** Opening Extracted information block **

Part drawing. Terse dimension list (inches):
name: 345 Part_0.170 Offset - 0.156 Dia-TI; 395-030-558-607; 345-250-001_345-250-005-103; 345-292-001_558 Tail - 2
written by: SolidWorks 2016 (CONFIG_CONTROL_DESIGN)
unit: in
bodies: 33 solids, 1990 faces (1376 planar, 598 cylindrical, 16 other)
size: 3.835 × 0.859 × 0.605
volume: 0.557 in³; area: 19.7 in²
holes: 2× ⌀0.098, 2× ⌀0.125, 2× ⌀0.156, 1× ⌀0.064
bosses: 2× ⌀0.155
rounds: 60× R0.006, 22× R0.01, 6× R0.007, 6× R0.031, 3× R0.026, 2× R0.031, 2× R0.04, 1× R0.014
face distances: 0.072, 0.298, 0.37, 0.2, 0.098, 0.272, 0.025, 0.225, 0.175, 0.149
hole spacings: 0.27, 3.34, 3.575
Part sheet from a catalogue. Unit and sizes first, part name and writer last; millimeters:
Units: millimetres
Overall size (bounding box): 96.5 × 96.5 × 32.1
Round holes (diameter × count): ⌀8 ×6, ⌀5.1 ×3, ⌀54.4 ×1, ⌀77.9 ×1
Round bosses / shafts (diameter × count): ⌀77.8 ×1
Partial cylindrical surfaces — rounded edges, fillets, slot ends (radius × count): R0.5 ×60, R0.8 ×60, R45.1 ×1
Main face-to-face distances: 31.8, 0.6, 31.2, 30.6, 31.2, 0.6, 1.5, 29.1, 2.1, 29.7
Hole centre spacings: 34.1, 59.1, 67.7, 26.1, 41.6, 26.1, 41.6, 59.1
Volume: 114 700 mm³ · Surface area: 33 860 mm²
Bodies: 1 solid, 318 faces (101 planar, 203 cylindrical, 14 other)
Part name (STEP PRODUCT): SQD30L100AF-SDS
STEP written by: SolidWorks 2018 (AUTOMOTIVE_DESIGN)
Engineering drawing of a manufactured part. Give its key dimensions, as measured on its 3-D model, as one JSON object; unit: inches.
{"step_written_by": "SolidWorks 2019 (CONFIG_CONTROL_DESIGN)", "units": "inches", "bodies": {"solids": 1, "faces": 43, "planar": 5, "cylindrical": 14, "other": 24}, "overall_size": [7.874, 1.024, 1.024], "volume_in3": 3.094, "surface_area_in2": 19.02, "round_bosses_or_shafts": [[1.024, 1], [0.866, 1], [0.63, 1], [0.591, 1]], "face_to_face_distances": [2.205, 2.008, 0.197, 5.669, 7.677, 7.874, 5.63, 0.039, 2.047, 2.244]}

** Closing Extracted information block **

**Problem statement**
Copy, exactly and with nothing added, the lines from the one containing "Part sheet from" through the end of the records.

**Response**
Part sheet from a catalogue. Unit and sizes first, part name and writer last; millimeters:
Units: millimetres
Overall size (bounding box): 96.5 × 96.5 × 32.1
Round holes (diameter × count): ⌀8 ×6, ⌀5.1 ×3, ⌀54.4 ×1, ⌀77.9 ×1
Round bosses / shafts (diameter × count): ⌀77.8 ×1
Partial cylindrical surfaces — rounded edges, fillets, slot ends (radius × count): R0.5 ×60, R0.8 ×60, R45.1 ×1
Main face-to-face distances: 31.8, 0.6, 31.2, 30.6, 31.2, 0.6, 1.5, 29.1, 2.1, 29.7
Hole centre spacings: 34.1, 59.1, 67.7, 26.1, 41.6, 26.1, 41.6, 59.1
Volume: 114 700 mm³ · Surface area: 33 860 mm²
Bodies: 1 solid, 318 faces (101 planar, 203 cylindrical, 14 other)
Part name (STEP PRODUCT): SQD30L100AF-SDS
STEP written by: SolidWorks 2018 (AUTOMOTIVE_DESIGN)
Engineering drawing of a manufactured part. Give its key dimensions, as measured on its 3-D model, as one JSON object; unit: inches.
{"step_written_by": "SolidWorks 2019 (CONFIG_CONTROL_DESIGN)", "units": "inches", "bodies": {"solids": 1, "faces": 43, "planar": 5, "cylindrical": 14, "other": 24}, "overall_size": [7.874, 1.024, 1.024], "volume_in3": 3.094, "surface_area_in2": 19.02, "round_bosses_or_shafts": [[1.024, 1], [0.866, 1], [0.63, 1], [0.591, 1]], "face_to_face_distances": [2.205, 2.008, 0.197, 5.669, 7.677, 7.874, 5.63, 0.039, 2.047, 2.244]}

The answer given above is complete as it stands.